September 29, 2007
Lawyers who will bleed for a cause
There is not only unrest in Myanmar, but in Pakistan as well. The US-approved Musharraf government is cracking down on protesters from the country's legal rank and file, according to this report by Time.com. The protests come after a high court ruling that said Pervez Musharraf, who took power in a military coup and later had himself installed as a constitutional executive, can run for a second term in office.

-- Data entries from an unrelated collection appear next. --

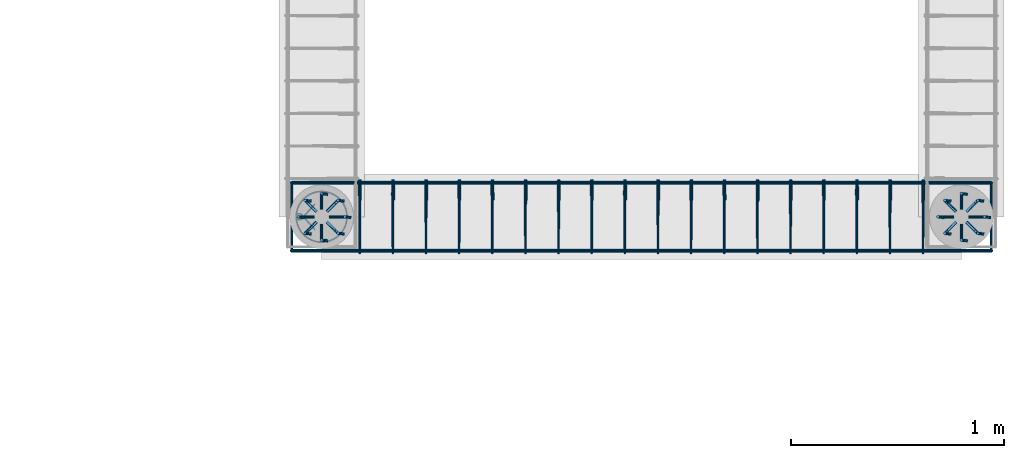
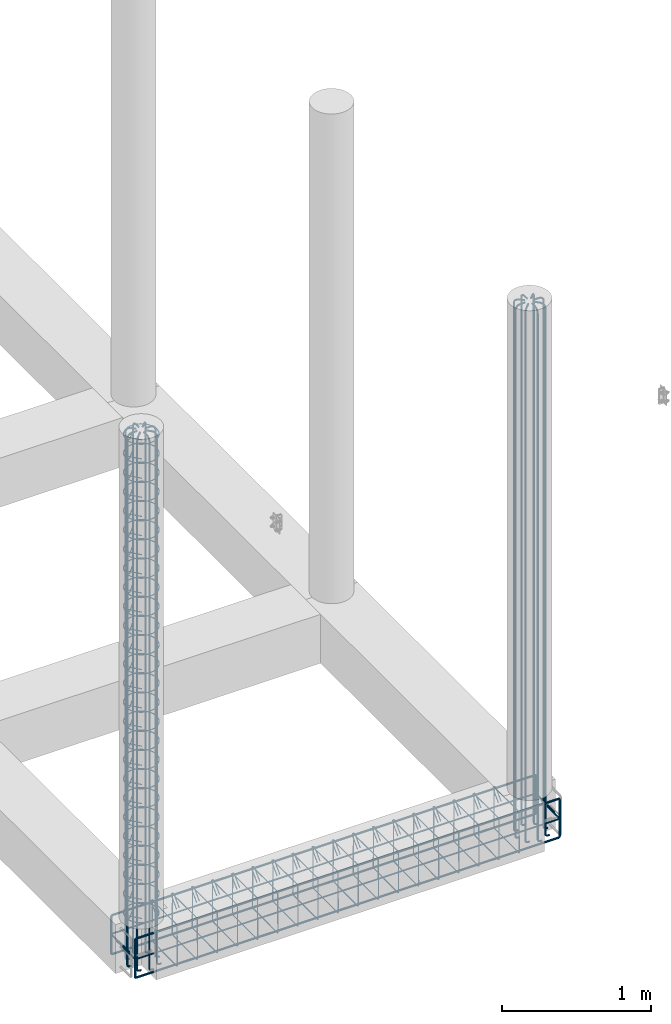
# One storey, part 4 of 20: 9 reinforcing bars.
"""IFC4 building model written with IfcOpenShell, lengths in metres."""

from ifc_helpers import new_model, entity, si_unit, origin_with_axes, place, context, project, spatial, source, transform, mapped, element, save


model = new_model("IFC4")

# Units and contexts
model_context = context("Model", 3, precision=1e-05, world=origin_with_axes())
ifc_project = project(units=[si_unit("LENGTHUNIT", "METRE"), si_unit("AREAUNIT", "SQUARE_METRE"), si_unit("VOLUMEUNIT", "CUBIC_METRE"), si_unit("MASSUNIT", "GRAM", prefix="KILO"), si_unit("TIMEUNIT", "SECOND"), si_unit("PLANEANGLEUNIT", "RADIAN"), si_unit("SOLIDANGLEUNIT", "STERADIAN"), si_unit("THERMODYNAMICTEMPERATUREUNIT", "DEGREE_CELSIUS")], contexts=[model_context])

# Site, building, storey
placement_1 = place(None, origin_with_axes())
site = spatial("IfcSite", under=ifc_project, at=placement_1, Name="Italia", CompositionType="ELEMENT")
building = spatial("IfcBuilding", under=site, at=placement_1, Name="Tettoia", CompositionType="ELEMENT")
storey = spatial("IfcBuildingStorey", under=building, at=placement_1, Name="Storey 0", CompositionType="ELEMENT", Elevation=0.0)

# Reinforcing bars
shared_shape_1 = source(origin_with_axes(), model_context, "Body", "AdvancedSweptSolid", [
    entity("IfcSweptDiskSolid", entity("IfcIndexedPolyCurve", entity("IfcCartesianPointList3D", [[8.21102, 1.99605, -0.375], [8.19714, 1.99787, -0.375], [8.19097, 1.99869, -0.373761], [8.18573, 1.99938, -0.370231], [8.18223, 1.99984, -0.364948], [8.181, 2.0, -0.358717], [8.181, 2.0, 0.5725]]), [entity("IfcLineIndex", [1, 2]), entity("IfcLineIndex", [2, 3]), entity("IfcLineIndex", [3, 4]), entity("IfcLineIndex", [4, 5]), entity("IfcLineIndex", [5, 6]), entity("IfcLineIndex", [6, 7])], False), 0.007),
])
placement_2 = place(placement_1, origin_with_axes())
reinforcing_bar_1_placement = place(placement_2, origin_with_axes())
element("IfcReinforcingBar", 1, at=reinforcing_bar_1_placement, inside=storey, BarLength=0.97063, CrossSectionArea=0.00015394, NominalDiameter=0.014, context=model_context, shape_type="MappedRepresentation", body=[
    mapped(shared_shape_1, transform((0.186057, -0.0770054, 0.0), x_axis=(1.0, 0.0, 0.0), y_axis=(0.0, 1.0, 0.0), z_axis=(0.0, 0.0, 1.0), scale=1.0)),
    mapped(shared_shape_1, transform((0.217983, 6.55651e-05, 0.0), x_axis=(1.0, 0.0, 0.0), y_axis=(0.0, 1.0, 0.0), z_axis=(0.0, 0.0, 1.0), scale=1.0)),
    mapped(shared_shape_1, transform((0.0319242, -0.0770749, 0.0), x_axis=(1.0, 0.0, 0.0), y_axis=(0.0, 1.0, 0.0), z_axis=(0.0, 0.0, 1.0), scale=1.0)),
    mapped(shared_shape_1, transform((0.109, -0.109007, 0.0), x_axis=(1.0, 0.0, 0.0), y_axis=(0.0, 1.0, 0.0), z_axis=(0.0, 0.0, 1.0), scale=1.0)),
    mapped(shared_shape_1, transform((0.0, 0.0, 0.0), x_axis=(1.0, 0.0, 0.0), y_axis=(0.0, 1.0, 0.0), z_axis=(0.0, 0.0, 1.0), scale=1.0)),
    mapped(shared_shape_1, transform((0.0319242, 0.0770745, 0.0), x_axis=(1.0, 0.0, 0.0), y_axis=(0.0, 1.0, 0.0), z_axis=(0.0, 0.0, 1.0), scale=1.0)),
    mapped(shared_shape_1, transform((0.18604, 0.077213, 0.0), x_axis=(1.0, -1.68383e-05, 0.0), y_axis=(1.6883e-05, 1.0, 0.0), z_axis=(0.0, 0.0, 1.0), scale=1.0)),
    mapped(shared_shape_1, transform((0.108983, 0.109066, 0.0), x_axis=(1.0, 0.0, 0.0), y_axis=(0.0, 1.0, 0.0), z_axis=(0.0, 0.0, 1.0), scale=1.0)),
])
shared_shape_2 = source(origin_with_axes(), model_context, "Body", "AdvancedSweptSolid", [
    entity("IfcSweptDiskSolid", entity("IfcIndexedPolyCurve", entity("IfcCartesianPointList3D", [[8.181, 2.0, 0.0], [8.181, 2.0, 3.94], [8.18366, 2.0, 3.95339], [8.19125, 2.0, 3.96475], [8.20261, 2.0, 3.97234], [8.216, 2.0, 3.975], [8.256, 2.0, 3.975]]), [entity("IfcLineIndex", [1, 2]), entity("IfcLineIndex", [2, 3]), entity("IfcLineIndex", [3, 4]), entity("IfcLineIndex", [4, 5]), entity("IfcLineIndex", [5, 6]), entity("IfcLineIndex", [6, 7])], False), 0.007),
])
reinforcing_bar_2_placement = place(placement_2, origin_with_axes())
element("IfcReinforcingBar", 2, at=reinforcing_bar_2_placement, inside=storey, BarLength=4.03463, CrossSectionArea=0.00015394, NominalDiameter=0.014, context=model_context, shape_type="MappedRepresentation", body=[
    mapped(shared_shape_2, transform((15.5661, -2.44771, 0.0), x_axis=(-0.707106, 0.707108, 0.0), y_axis=(-0.707108, -0.707106, 0.0), z_axis=(0.0, 0.0, 1.0), scale=1.0)),
    mapped(shared_shape_2, transform((16.58, 4.0, 0.0), x_axis=(-1.0, 0.0, 0.0), y_axis=(0.0, -1.0, 0.0), z_axis=(0.0, 0.0, 1.0), scale=1.0)),
    mapped(shared_shape_2, transform((3.84231, -5.27613, 0.0), x_axis=(0.707106, 0.707108, 0.0), y_axis=(-0.707108, 0.707106, 0.0), z_axis=(0.0, 0.0, 1.0), scale=1.0)),
    mapped(shared_shape_2, transform((10.29, -6.29, 0.0), x_axis=(0.0, 1.0, 0.0), y_axis=(-1.0, 0.0, 0.0), z_axis=(0.0, 0.0, 1.0), scale=1.0)),
    mapped(shared_shape_2, transform((1.01384, 6.44765, 0.0), x_axis=(0.707112, -0.707102, 0.0), y_axis=(0.707102, 0.707112, 0.0), z_axis=(0.0, 0.0, 1.0), scale=1.0)),
    mapped(shared_shape_2, transform((0.0, 0.0, 0.0), x_axis=(1.0, 0.0, 0.0), y_axis=(0.0, 1.0, 0.0), z_axis=(0.0, 0.0, 1.0), scale=1.0)),
    mapped(shared_shape_2, transform((12.7377, 9.27614, 0.0), x_axis=(-0.707105, -0.707108, 0.0), y_axis=(0.707108, -0.707105, 0.0), z_axis=(0.0, 0.0, 1.0), scale=1.0)),
    mapped(shared_shape_2, transform((6.29, 10.29, 0.0), x_axis=(0.0, -1.0, 0.0), y_axis=(1.0, 0.0, 0.0), z_axis=(0.0, 0.0, 1.0), scale=1.0)),
])
shared_shape_3 = source(origin_with_axes(), model_context, "Body", "AdvancedSweptSolid", [
    entity("IfcSweptDiskSolid", entity("IfcIndexedPolyCurve", entity("IfcCartesianPointList3D", [[8.25909, 1.93856, 0.029], [8.19569, 2.01046, 0.029], [8.18882, 2.01383, 0.029], [8.18197, 2.01426, 0.029], [8.17811, 2.01374, 0.029], [8.17473, 2.01178, 0.029], [8.17237, 2.00867, 0.029], [8.17137, 2.0049, 0.029], [8.1711, 2.00071, 0.029], [8.17111, 1.99929, 0.029], [8.17246, 1.98218, 0.029], [8.17271, 1.98063, 0.029], [8.1767, 1.96401, 0.029], [8.17718, 1.96252, 0.029], [8.18372, 1.94673, 0.029], [8.18443, 1.94533, 0.029], [8.19336, 1.93076, 0.029], [8.19429, 1.92949, 0.029], [8.20538, 1.91649, 0.029], [8.20649, 1.91538, 0.029], [8.21949, 1.90429, 0.029], [8.22076, 1.90336, 0.029], [8.23533, 1.89443, 0.029], [8.23673, 1.89372, 0.029], [8.25252, 1.88718, 0.029], [8.25401, 1.8867, 0.029], [8.27063, 1.88271, 0.029], [8.27218, 1.88246, 0.029], [8.28922, 1.88112, 0.029], [8.29078, 1.88112, 0.029], [8.30782, 1.88246, 0.029], [8.30937, 1.88271, 0.029], [8.32599, 1.8867, 0.029], [8.32748, 1.88718, 0.029], [8.34327, 1.89372, 0.029], [8.34467, 1.89443, 0.029], [8.35924, 1.90336, 0.029], [8.36051, 1.90429, 0.029], [8.37351, 1.91538, 0.029], [8.37462, 1.91649, 0.029], [8.38571, 1.92949, 0.029], [8.38664, 1.93076, 0.029], [8.39557, 1.94533, 0.029], [8.39628, 1.94673, 0.029], [8.40282, 1.96252, 0.029], [8.4033, 1.96401, 0.029], [8.40729, 1.98063, 0.029], [8.40754, 1.98218, 0.029], [8.40888, 1.99922, 0.029], [8.40888, 2.00078, 0.029], [8.40754, 2.01782, 0.029], [8.40729, 2.01937, 0.029], [8.4033, 2.03599, 0.029], [8.40282, 2.03748, 0.029], [8.39628, 2.05327, 0.029], [8.39557, 2.05467, 0.029], [8.38664, 2.06924, 0.029], [8.38571, 2.07051, 0.029], [8.37462, 2.08351, 0.029], [8.37351, 2.08462, 0.029], [8.36051, 2.09571, 0.029], [8.35924, 2.09664, 0.029], [8.34467, 2.10557, 0.029], [8.34327, 2.10628, 0.029], [8.32748, 2.11282, 0.029], [8.32599, 2.1133, 0.029], [8.30937, 2.11729, 0.029], [8.30782, 2.11754, 0.029], [8.29078, 2.11888, 0.029], [8.28922, 2.11888, 0.029], [8.27218, 2.11754, 0.029], [8.27063, 2.11729, 0.029], [8.25401, 2.1133, 0.029], [8.25252, 2.11282, 0.029], [8.23673, 2.10628, 0.029], [8.23533, 2.10557, 0.029], [8.22076, 2.09664, 0.029], [8.21949, 2.09571, 0.029], [8.20649, 2.08462, 0.029], [8.20538, 2.08351, 0.029], [8.19429, 2.07051, 0.029], [8.19336, 2.06924, 0.029], [8.18443, 2.05467, 0.029], [8.18372, 2.05327, 0.029], [8.17718, 2.03748, 0.029], [8.1767, 2.03599, 0.029], [8.17271, 2.01937, 0.029], [8.17246, 2.01782, 0.029], [8.17111, 2.00071, 0.029], [8.1711, 1.99929, 0.029], [8.17137, 1.9951, 0.029], [8.17237, 1.99133, 0.029], [8.17473, 1.98822, 0.029], [8.17811, 1.98626, 0.029], [8.18197, 1.98574, 0.029], [8.18882, 1.98617, 0.029], [8.19569, 1.98954, 0.029], [8.25909, 2.06144, 0.029]]), [entity("IfcLineIndex", [1, 2]), entity("IfcLineIndex", [2, 3]), entity("IfcLineIndex", [3, 4]), entity("IfcLineIndex", [4, 5]), entity("IfcLineIndex", [5, 6]), entity("IfcLineIndex", [6, 7]), entity("IfcLineIndex", [7, 8]), entity("IfcLineIndex", [8, 9]), entity("IfcLineIndex", [9, 10]), entity("IfcLineIndex", [10, 11]), entity("IfcLineIndex", [11, 12]), entity("IfcLineIndex", [12, 13]), entity("IfcLineIndex", [13, 14]), entity("IfcLineIndex", [14, 15]), entity("IfcLineIndex", [15, 16]), entity("IfcLineIndex", [16, 17]), entity("IfcLineIndex", [17, 18]), entity("IfcLineIndex", [18, 19]), entity("IfcLineIndex", [19, 20]), entity("IfcLineIndex", [20, 21]), entity("IfcLineIndex", [21, 22]), entity("IfcLineIndex", [22, 23]), entity("IfcLineIndex", [23, 24]), entity("IfcLineIndex", [24, 25]), entity("IfcLineIndex", [25, 26]), entity("IfcLineIndex", [26, 27]), entity("IfcLineIndex", [27, 28]), entity("IfcLineIndex", [28, 29]), entity("IfcLineIndex", [29, 30]), entity("IfcLineIndex", [30, 31]), entity("IfcLineIndex", [31, 32]), entity("IfcLineIndex", [32, 33]), entity("IfcLineIndex", [33, 34]), entity("IfcLineIndex", [34, 35]), entity("IfcLineIndex", [35, 36]), entity("IfcLineIndex", [36, 37]), entity("IfcLineIndex", [37, 38]), entity("IfcLineIndex", [38, 39]), entity("IfcLineIndex", [39, 40]), entity("IfcLineIndex", [40, 41]), entity("IfcLineIndex", [41, 42]), entity("IfcLineIndex", [42, 43]), entity("IfcLineIndex", [43, 44]), entity("IfcLineIndex", [44, 45]), entity("IfcLineIndex", [45, 46]), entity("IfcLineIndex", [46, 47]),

While I recognize that the United States is somewhat dependent on a stable, strong Pakistani government in its (postulated) pursuit of al-Qaeda, I cannot help but find these events unfortunately inverted. I agree with those who say we should avoid too many international entanglements, but the more interventionist among us tend to take up the democratic cause, don't they? (Ahem, that is, except for in Latin America.) What repercussions are due from our praising (and giving billions to) this barely legitimate (if that) potentate?
The contrast of this diplomatic precariousness with our treatment of the Saddam Hussein regime — which was also militaristic, and, by the way, kept extremists like al-Qaeda under control — cannot be more stark. (Readers will not in any way take this as an endorsement of Saddam's butchery.)
Lastly, when was the last time, in this country, that lawyers would actually stand up and fight; not merely argue in a courtroom or legislative chamber, but throw rocks, get tear-gassed, and bleed for a cause? I'm thinking that all stopped sometime around the end of the American Revolution. The upside is that we do have more civil ways of airing our differences. I'm just saying.